A similar factor is risk appetite. Two young founders who have not made significant amounts of money before can be equally driven to achieve long term financial success. If one founder has already been a successful entrepreneur, they may be less willing to take risks the second time around. Some founders are motivated by building a great business for the very long term, others are driven by the attraction of retiring early or giving back to the community. The ice cream brand, Ben&Jerry was founded by two friends, Ben and Jerry. They were best friends who built a successful business thanks to a joint passion for food and a desire to do more than just profit. The pair are resolute about giving back to the community and this resonates with their customers.
It’s important to discuss your long-term objectives. For example, by turning a business into a public company, by listing its shares on a stock exchange, one founder can develop the business for the long term while the other founder can sell the public shares as they wish. Other differences can be harder to manage. It’s rare to see a successful business where one founder is a risk-taking entrepreneur, and the other is a cautious penny pincher because one founder inhibits the other.
Respect is essential
The type of relationship between the founders doesn’t seem to matter as long as they can tolerate each other’s company and view each other with mutual respect. The relationship can be equal and interchangeable partners, sometimes even sharing the CEO title. Or the relationship can be obviously hierarchical – mentor and mentee, for example – especially if the founders have very different amounts of experience. Another common example is Dreamer and Doer – one founder has an ambitious vison of the future; the other founder makes it happen operationally.

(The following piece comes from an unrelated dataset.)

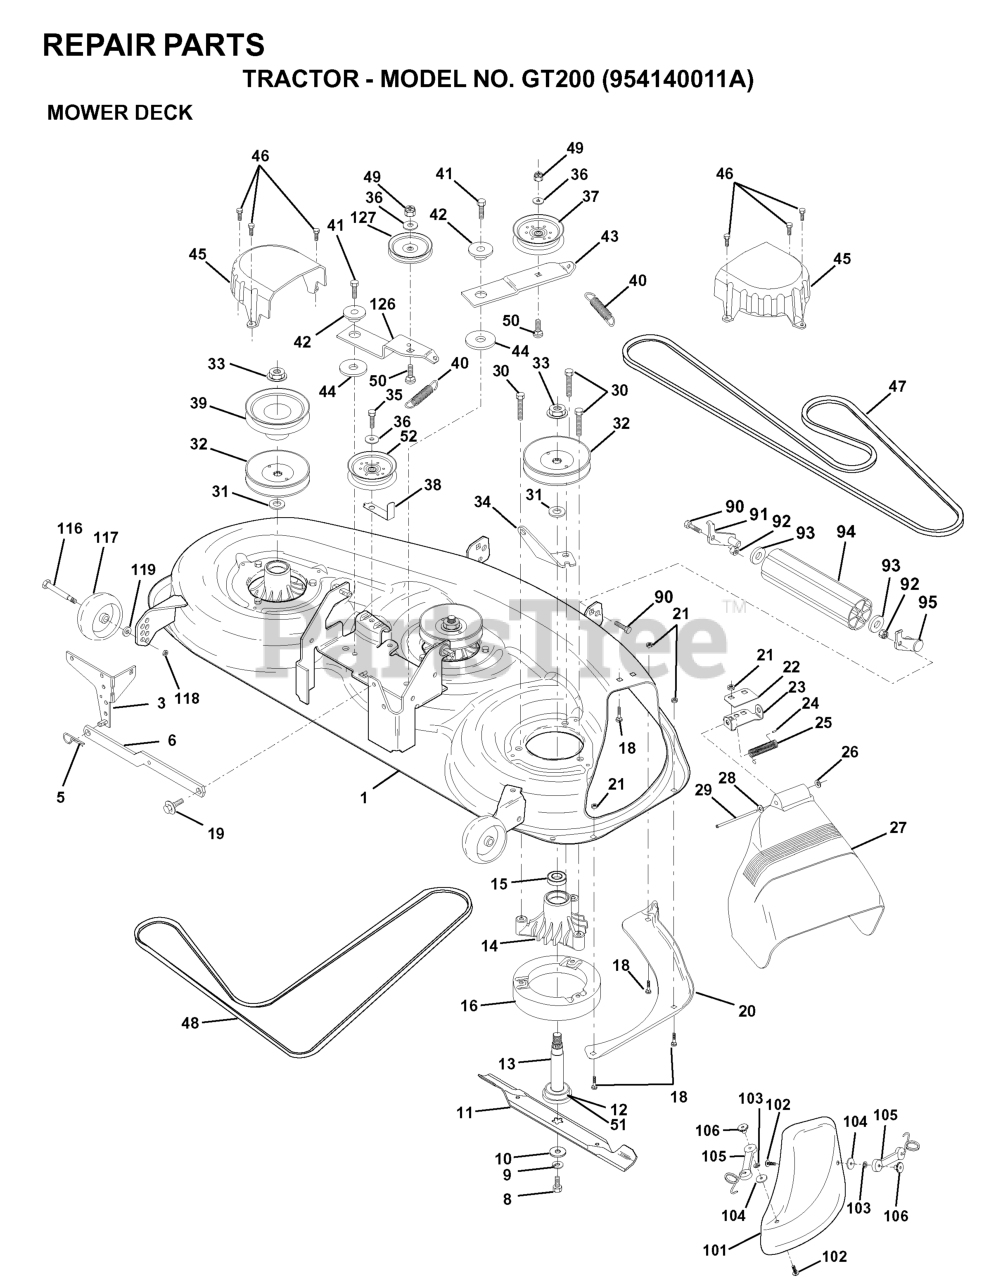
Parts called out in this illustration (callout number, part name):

The relationship can even be wife and husband. The relationship between the board members needs to be balanced but the relationship between a romantic couple is usually more permanent than any business relationship within the board. The director appointed by the professional investor may feel that they are dealing with a united couple who it is hard to influence. Lesley and Nigel Eccles founded the fantasy sports betting site FanDuel in 2009. Despite several legal challenges and investor pressure, their bond stayed strong and the company was acquired by Flutter Entertainment for $4.2B in December 2020. After that, they both started new ventures due to the intense scrutiny and pressure from investors. They think they worked really well together as they complemented each other.

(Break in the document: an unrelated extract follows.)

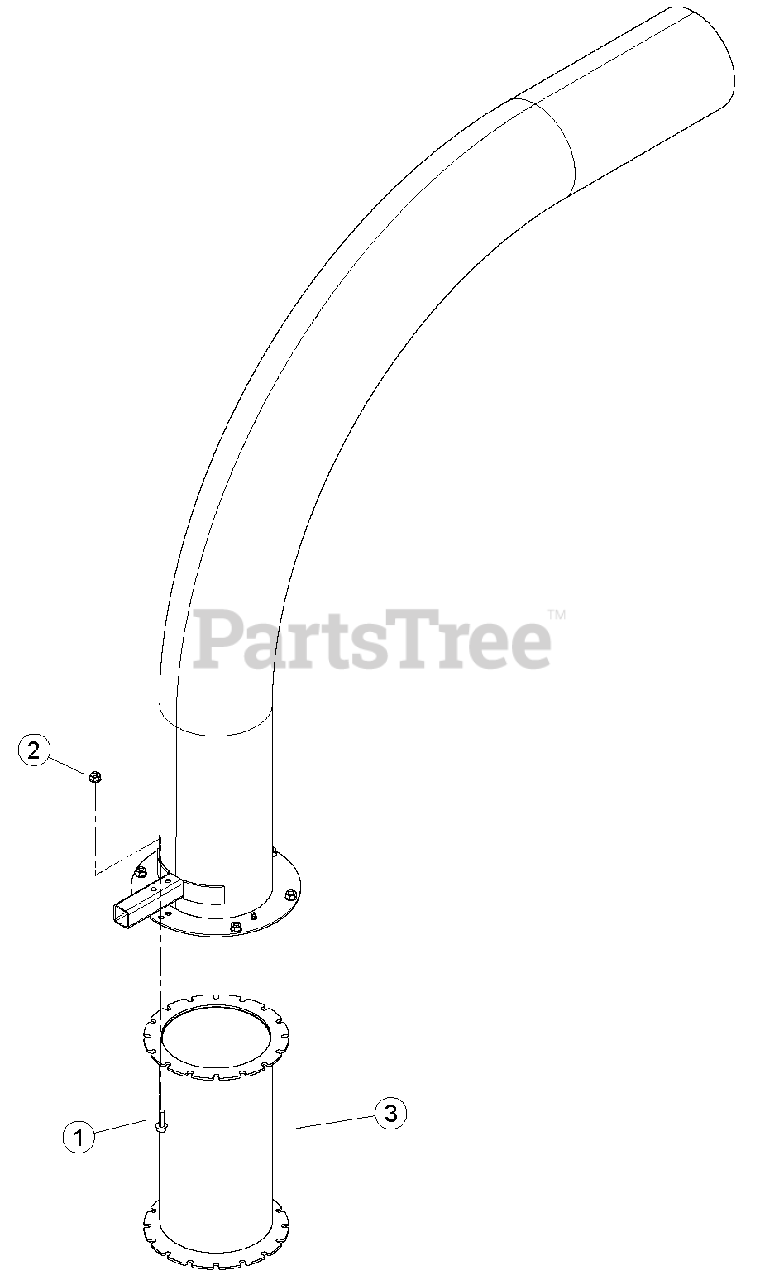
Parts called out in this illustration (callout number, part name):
1	BOLT, 3/8 X 1-1/4 FLANGE NC
2	NUT, 3/8-16 NYLOCK FLANGE
3	WELDMENT, CHUTE EXTENSION

There are other clear examples of success of start-ups founded by married couples. Eventbrite wife and husband co-founders, Julia and Kevin Hartz co-founded Eventbrite, which went public on the New York Stock Exchange in 2018. Married couple Diane Greene and Mendel Rosenblum were on the co-founding team of VMware, which sold to Dell in 2015.
Choosing a co-founder for your business is not an easy task and shouldn’t be taken lightly. As with any sports, even if your founding team is made up of first-class players, there is no guarantee that your team will succeed. The most important thing is how well the team can work together.